I noticed a lot of older people in my class though but I didn't make friends with anyone even though a majority were my age. I think it's because I just don't like socializing. I didn't talk to anyone in the 4 classes I took. I just went in and that was it. If I was asked a question I would fumble and do my flustered SA thing usually making it look like I wasn't paying attention. (I usually didn't.) 

People can't really tell the difference between someone in their 20s - early* 30s. At least from what I have seen personally with my sister.


----------



## ThatQuietGirl02 (Jan 14, 2014)

Years^ not years old. Sorry for obvious grammar mistakes I am not sure how to edit threads.


----------



## shyguyred (Jul 26, 2013)

I think its a pretty big maturity difference I usually cant relate to people under 24,because.People in there early 20s and teens are superficial and naïve ,which im not so there,s really not much to talk about,because I don't care about comparing people to each other or who's popular .Which seems to be the main focus of people around that age .Its frustrating because people treat me like im a teenager because my face looks young,so I have people younger then me thinking there older then me and talking to me like they have more life experience.
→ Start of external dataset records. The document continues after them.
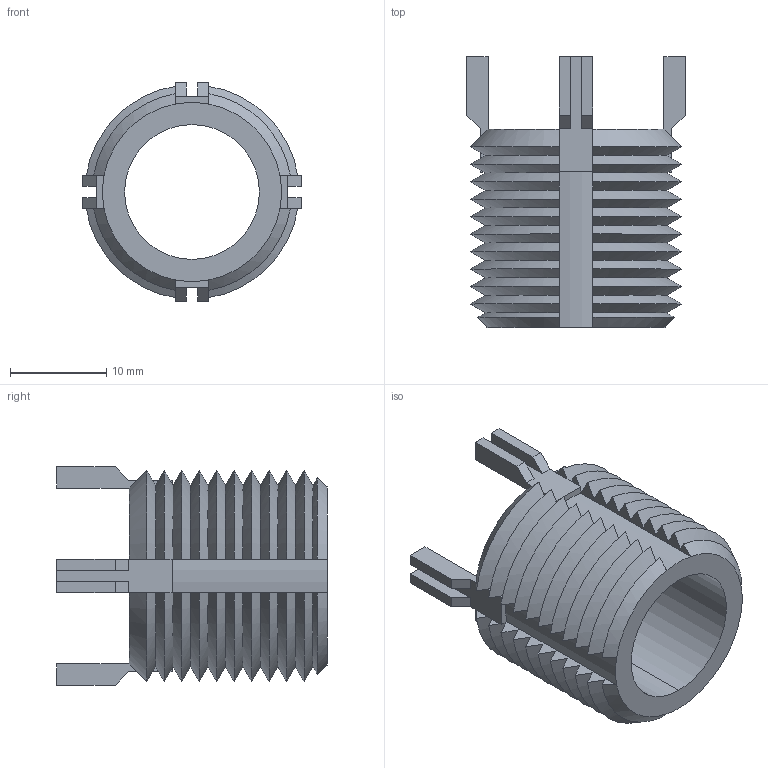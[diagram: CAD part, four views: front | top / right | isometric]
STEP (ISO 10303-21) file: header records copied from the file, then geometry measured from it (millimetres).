
FILE_DESCRIPTION (( 'STEP AP203' ), '1' );
FILE_NAME ('TR1535.66248.step', '2023-05-02T14:00:06', ( '' ), ( '' ), 'SwSTEP 2.0', 'SolidWorks 2019', '' );
FILE_SCHEMA (( 'CONFIG_CONTROL_DESIGN' ));
Length unit declared in the file: millimetre
Products named in the file (1): TR1535.66248
Bounding box: 22.66 x 28.13 x 22.66 mm (x, y, z)
Volume: 3610.4 mm3; surface area: 4020.7 mm2
Topology: 1 solids, 1 shells, 184 faces, 490 edges, 308 vertices
Faces by surface type: plane 90, cone 88, cylinder 6
Entity records: 5963 total; most frequent: CARTESIAN_POINT 1667, ORIENTED_EDGE 980, DIRECTION 748, EDGE_CURVE 490, VERTEX_POINT 308, AXIS2_PLACEMENT_3D 289, B_SPLINE_CURVE_WITH_KNOTS 216, EDGE_LOOP 186
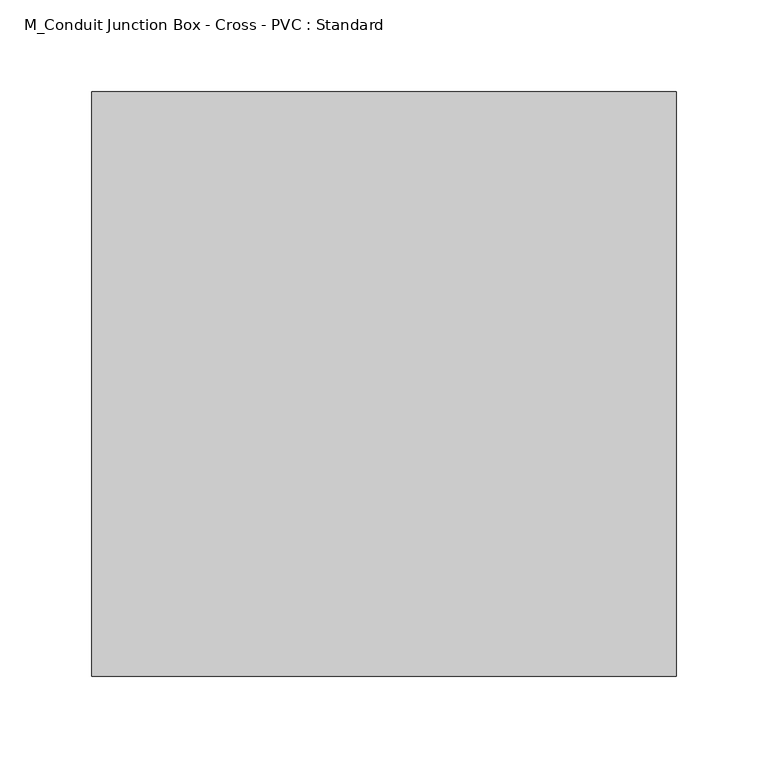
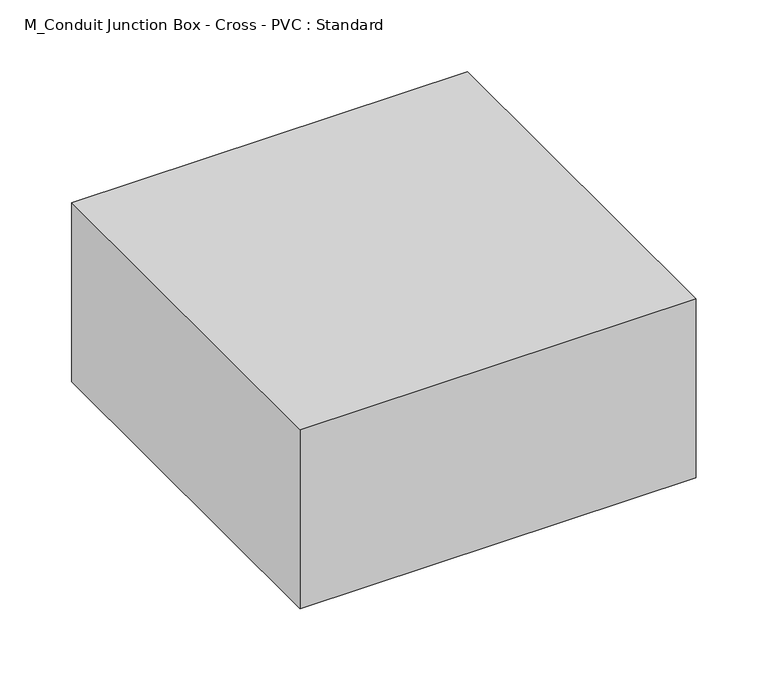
"""IFC4 building model written with IfcOpenShell, lengths in millimetres: cable carrier fitting geometry, M_Conduit Junction Box - Cross - PVC : Standard."""

from ifc_helpers import new_model, si_unit, frame, origin, place, context, project, spatial, polyline, outline, extrude, source, transform, mapped, element, save


def m_conduit_junction_box_cross_pvc_standard_3c8550d1(model_context):
    return source(origin(), model_context, "Body", "SweptSolid", [
        extrude(outline(polyline([(159.0, 159.0), (159.0, -159.0), (-159.0, -159.0), (-159.0, 159.0), (159.0, 159.0)])), frame((0.0, 0.0, -76.0), z_axis=(0.0, 0.0, 1.0), x_axis=(1.0, 0.0, 0.0)), (0.0, 0.0, 1.0), 152.0),
    ])


if __name__ == "__main__":
    model = new_model("IFC4")
    model_context = context("Model", 3, world=origin())
    ifc_project = project(units=[si_unit("LENGTHUNIT", "METRE", prefix="MILLI")], contexts=[model_context])
    site = spatial("IfcSite", under=ifc_project)
    building = spatial("IfcBuilding", under=site)
    placement = place(None, origin())
    m_conduit_junction_box_cross_pvc_standard_shape = m_conduit_junction_box_cross_pvc_standard_3c8550d1(model_context)
    element("IfcCableCarrierFitting", 1, ObjectType="M_Conduit Junction Box - Cross - PVC : Standard", at=placement, inside=building, context=model_context, shape_type="MappedRepresentation", body=[
        mapped(m_conduit_junction_box_cross_pvc_standard_shape, transform((0.0, 0.0, 0.0), x_axis=(1.0, 0.0, 0.0), y_axis=(0.0, 1.0, 0.0), z_axis=(0.0, 0.0, 1.0))),
    ])
    save(model, "model.ifc")

When I tell people my age they don't believe me or act surprised.


----------



## ThatQuietGirl02 (Jan 14, 2014)

Yea, I seem to relate more with people who are in their mid 30's and already have families and stuff which makes me feel kind of old sometimes. I like how they are settled and pretty chill. :/


----------



## HanSolo (Jul 5, 2013)

Well I would hit on u if I was there

I spent a night talking with a 24 yo girl, and she said she didn't like guys her age or younger, because most of the were immature, untidy, etc. And I agree.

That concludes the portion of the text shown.